For the word "Locknut", search the records and show each line in which it occurs.

====

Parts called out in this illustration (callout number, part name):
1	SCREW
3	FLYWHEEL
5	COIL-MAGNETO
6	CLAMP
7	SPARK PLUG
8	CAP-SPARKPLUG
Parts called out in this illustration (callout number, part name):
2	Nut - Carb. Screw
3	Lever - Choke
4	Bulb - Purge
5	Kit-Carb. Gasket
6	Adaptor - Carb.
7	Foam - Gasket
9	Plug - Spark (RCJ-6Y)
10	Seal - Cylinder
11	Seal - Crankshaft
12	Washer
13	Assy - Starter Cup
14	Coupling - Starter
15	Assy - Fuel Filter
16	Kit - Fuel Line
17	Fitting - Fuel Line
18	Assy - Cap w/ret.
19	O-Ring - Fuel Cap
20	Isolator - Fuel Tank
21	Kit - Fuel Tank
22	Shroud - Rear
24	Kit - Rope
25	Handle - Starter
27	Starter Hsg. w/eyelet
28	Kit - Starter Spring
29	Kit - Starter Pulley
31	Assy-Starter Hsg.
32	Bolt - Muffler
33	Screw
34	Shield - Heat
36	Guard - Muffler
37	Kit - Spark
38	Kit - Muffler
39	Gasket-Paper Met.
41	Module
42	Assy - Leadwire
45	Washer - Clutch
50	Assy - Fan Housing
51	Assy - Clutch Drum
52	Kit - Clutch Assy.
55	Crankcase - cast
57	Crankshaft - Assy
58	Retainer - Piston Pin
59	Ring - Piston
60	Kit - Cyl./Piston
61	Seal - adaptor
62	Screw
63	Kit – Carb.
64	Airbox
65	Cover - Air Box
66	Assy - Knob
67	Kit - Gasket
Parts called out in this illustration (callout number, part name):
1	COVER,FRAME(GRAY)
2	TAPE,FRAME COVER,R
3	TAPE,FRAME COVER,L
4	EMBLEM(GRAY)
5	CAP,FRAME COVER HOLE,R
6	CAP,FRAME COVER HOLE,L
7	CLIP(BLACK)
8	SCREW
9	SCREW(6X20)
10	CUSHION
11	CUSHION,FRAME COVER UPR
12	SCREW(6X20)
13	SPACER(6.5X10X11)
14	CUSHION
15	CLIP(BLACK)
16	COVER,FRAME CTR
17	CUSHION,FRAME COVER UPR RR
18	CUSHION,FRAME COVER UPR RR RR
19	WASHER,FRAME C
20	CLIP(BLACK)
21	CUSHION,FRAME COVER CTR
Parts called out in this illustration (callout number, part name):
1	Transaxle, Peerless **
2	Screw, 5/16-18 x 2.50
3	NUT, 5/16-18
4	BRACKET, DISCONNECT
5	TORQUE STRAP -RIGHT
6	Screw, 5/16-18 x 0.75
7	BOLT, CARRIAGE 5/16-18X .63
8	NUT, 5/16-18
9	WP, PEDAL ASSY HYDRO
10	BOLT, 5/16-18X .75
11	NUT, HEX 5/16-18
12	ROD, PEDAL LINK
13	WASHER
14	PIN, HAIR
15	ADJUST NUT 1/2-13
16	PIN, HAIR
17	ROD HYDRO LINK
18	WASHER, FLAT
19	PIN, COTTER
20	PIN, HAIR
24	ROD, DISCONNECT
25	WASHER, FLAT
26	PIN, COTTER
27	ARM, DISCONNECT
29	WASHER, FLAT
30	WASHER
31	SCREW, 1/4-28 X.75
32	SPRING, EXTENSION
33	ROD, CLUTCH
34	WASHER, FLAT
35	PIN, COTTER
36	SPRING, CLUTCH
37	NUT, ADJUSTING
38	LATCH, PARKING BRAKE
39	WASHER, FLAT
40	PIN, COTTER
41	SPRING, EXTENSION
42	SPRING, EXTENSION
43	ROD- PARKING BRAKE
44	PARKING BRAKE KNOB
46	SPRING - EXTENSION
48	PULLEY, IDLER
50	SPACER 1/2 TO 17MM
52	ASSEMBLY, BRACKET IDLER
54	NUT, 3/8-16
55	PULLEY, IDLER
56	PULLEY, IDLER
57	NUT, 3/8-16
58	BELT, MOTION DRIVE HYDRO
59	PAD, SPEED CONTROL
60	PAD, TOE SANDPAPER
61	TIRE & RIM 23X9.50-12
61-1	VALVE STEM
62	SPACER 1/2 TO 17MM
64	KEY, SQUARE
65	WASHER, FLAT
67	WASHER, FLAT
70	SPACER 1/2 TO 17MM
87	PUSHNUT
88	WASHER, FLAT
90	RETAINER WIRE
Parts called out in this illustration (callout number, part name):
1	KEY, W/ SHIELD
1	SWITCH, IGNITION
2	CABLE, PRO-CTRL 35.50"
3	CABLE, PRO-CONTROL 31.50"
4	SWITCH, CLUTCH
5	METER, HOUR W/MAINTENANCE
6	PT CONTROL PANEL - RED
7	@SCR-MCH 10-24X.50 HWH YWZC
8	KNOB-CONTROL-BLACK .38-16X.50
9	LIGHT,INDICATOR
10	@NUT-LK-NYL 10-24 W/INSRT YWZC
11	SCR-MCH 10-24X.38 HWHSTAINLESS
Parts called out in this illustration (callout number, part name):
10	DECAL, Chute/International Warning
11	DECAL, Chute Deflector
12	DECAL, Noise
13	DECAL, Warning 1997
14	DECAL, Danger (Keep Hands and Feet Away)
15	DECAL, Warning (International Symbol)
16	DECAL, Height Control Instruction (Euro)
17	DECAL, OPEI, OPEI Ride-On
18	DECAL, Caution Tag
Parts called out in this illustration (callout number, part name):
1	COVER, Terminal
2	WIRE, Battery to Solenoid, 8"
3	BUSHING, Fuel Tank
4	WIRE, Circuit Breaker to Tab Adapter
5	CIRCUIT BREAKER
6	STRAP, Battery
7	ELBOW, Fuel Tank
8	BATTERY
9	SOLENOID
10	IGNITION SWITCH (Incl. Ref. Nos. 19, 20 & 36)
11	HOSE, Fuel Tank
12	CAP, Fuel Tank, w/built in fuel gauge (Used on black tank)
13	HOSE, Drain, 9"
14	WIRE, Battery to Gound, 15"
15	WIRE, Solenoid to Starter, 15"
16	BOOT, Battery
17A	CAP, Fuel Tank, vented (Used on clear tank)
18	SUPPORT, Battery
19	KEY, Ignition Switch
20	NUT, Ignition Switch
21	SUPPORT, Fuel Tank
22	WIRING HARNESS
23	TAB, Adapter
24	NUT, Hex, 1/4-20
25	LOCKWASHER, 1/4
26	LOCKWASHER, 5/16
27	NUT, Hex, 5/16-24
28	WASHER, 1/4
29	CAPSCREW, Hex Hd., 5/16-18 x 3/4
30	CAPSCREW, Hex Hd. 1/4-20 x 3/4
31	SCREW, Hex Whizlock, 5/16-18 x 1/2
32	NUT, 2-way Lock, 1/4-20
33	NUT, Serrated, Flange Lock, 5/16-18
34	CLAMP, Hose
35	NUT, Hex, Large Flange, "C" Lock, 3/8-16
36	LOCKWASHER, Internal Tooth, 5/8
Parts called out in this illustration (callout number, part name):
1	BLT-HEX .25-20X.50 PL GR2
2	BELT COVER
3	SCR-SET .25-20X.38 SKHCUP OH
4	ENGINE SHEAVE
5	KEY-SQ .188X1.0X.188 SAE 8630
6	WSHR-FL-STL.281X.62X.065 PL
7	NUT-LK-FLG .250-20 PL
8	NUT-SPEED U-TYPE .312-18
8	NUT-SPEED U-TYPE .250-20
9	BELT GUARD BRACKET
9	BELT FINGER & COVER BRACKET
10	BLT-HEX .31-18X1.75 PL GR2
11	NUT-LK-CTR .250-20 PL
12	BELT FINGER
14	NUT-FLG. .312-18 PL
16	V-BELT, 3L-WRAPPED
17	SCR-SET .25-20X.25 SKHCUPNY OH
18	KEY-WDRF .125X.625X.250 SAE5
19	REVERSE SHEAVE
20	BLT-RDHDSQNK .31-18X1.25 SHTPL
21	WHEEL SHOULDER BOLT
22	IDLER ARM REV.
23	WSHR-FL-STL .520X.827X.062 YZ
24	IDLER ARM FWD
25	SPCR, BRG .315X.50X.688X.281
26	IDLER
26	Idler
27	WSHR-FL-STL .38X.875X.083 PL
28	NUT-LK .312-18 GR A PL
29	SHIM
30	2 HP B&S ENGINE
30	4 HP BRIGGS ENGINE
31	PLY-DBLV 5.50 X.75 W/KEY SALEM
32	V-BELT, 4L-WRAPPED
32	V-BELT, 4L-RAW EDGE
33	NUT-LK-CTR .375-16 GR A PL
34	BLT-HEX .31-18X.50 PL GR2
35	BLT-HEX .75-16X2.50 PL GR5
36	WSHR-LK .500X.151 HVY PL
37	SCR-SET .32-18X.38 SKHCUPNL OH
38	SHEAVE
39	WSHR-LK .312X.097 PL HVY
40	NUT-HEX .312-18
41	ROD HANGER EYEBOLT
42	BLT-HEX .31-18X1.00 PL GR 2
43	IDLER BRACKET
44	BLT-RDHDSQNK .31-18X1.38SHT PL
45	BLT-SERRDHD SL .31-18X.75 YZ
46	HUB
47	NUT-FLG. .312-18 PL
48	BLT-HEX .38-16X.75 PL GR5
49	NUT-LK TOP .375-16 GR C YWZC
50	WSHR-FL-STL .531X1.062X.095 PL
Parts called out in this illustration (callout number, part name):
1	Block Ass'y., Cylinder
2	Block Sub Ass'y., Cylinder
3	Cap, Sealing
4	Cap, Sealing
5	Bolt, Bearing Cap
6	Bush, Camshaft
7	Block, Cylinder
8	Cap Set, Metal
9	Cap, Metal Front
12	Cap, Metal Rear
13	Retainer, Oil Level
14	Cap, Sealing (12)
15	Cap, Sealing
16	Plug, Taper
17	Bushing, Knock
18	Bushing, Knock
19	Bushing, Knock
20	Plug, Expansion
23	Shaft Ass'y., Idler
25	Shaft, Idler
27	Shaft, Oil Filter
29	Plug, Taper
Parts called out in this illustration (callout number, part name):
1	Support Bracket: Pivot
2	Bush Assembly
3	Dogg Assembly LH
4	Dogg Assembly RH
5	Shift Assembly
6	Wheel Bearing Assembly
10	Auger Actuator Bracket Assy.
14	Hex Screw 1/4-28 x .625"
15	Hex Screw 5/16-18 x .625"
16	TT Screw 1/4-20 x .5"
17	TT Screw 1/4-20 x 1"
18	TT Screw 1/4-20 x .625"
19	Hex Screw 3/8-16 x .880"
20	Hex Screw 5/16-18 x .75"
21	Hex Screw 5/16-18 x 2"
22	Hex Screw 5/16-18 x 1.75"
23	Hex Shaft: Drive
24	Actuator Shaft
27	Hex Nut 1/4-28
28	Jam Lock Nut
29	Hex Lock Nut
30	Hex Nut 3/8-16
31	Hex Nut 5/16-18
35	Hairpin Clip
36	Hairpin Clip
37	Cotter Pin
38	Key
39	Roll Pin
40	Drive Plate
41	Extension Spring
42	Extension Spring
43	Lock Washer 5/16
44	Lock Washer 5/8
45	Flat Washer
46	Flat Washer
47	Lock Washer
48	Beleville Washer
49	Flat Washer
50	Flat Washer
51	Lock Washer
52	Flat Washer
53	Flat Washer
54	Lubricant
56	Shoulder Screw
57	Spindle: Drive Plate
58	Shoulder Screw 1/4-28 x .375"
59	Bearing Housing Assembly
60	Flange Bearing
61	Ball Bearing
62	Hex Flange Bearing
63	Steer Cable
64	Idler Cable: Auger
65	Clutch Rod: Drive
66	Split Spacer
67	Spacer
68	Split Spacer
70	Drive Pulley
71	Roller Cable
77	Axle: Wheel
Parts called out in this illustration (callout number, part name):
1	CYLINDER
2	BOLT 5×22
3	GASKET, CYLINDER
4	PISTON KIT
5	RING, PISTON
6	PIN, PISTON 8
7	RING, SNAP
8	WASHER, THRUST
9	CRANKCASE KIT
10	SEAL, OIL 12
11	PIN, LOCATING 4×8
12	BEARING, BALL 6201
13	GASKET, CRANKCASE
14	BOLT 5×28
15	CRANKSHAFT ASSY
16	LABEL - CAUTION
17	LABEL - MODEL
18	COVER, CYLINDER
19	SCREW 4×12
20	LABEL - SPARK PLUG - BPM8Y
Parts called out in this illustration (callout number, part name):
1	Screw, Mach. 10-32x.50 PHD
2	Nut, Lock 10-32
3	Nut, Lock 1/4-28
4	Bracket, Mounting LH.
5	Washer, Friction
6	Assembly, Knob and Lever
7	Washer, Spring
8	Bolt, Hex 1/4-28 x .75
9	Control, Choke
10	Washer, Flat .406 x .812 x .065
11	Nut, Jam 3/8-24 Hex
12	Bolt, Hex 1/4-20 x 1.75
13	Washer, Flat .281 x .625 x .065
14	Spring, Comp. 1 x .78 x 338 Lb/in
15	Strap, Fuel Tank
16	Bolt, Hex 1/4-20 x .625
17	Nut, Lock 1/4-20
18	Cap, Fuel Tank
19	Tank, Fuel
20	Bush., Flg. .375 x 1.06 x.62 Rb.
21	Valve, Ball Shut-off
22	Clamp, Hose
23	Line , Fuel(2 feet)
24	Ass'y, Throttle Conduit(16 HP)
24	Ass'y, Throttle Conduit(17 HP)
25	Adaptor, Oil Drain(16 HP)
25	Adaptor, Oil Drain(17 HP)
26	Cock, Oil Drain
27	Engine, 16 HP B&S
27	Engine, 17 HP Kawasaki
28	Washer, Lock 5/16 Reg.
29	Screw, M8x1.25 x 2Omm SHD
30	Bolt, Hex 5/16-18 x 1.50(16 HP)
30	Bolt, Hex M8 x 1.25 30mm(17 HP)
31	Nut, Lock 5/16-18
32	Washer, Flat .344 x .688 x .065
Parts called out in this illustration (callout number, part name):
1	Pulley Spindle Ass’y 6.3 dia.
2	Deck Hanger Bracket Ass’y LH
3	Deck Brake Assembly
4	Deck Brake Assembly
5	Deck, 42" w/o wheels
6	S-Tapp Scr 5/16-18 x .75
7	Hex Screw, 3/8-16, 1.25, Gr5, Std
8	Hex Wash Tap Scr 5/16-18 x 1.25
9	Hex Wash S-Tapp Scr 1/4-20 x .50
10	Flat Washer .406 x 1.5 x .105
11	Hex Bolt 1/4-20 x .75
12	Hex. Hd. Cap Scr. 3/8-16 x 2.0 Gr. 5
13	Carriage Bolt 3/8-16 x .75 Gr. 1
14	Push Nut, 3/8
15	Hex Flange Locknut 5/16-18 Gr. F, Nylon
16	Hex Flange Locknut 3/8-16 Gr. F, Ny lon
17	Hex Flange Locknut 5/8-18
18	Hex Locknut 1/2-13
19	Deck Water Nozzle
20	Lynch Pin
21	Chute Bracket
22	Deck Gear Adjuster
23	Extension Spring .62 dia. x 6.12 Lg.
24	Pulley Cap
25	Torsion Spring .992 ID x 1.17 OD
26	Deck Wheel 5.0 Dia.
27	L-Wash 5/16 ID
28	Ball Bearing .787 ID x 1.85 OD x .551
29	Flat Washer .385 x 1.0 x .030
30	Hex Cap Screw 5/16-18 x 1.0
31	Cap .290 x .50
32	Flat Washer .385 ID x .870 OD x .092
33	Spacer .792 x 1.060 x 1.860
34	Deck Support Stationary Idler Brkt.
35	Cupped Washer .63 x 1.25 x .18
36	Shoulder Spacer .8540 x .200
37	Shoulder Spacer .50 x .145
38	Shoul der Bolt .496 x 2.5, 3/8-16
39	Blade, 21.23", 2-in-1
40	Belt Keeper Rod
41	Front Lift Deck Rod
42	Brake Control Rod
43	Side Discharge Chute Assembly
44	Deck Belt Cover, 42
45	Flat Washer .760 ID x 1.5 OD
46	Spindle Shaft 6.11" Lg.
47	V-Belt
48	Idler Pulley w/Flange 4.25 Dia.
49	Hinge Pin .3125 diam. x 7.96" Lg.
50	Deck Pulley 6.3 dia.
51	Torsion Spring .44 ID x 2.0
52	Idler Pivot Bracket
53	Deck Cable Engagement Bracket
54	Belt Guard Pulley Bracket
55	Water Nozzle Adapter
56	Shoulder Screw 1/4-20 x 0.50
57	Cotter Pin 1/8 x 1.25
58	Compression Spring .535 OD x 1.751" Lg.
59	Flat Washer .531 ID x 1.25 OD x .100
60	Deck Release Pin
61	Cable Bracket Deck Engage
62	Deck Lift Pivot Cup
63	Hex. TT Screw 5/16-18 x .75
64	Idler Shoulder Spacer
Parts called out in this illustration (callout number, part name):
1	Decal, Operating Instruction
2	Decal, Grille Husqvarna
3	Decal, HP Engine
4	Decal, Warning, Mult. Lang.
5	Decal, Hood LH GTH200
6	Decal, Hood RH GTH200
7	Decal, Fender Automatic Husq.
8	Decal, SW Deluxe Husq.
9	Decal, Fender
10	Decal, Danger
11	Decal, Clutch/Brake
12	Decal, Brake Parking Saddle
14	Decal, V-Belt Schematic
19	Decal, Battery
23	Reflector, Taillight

====

SOLUTION TO THIS TASK ::
15	Hex Flange Locknut 5/16-18 Gr. F, Nylon
16	Hex Flange Locknut 3/8-16 Gr. F, Ny lon
17	Hex Flange Locknut 5/8-18
18	Hex Locknut 1/2-13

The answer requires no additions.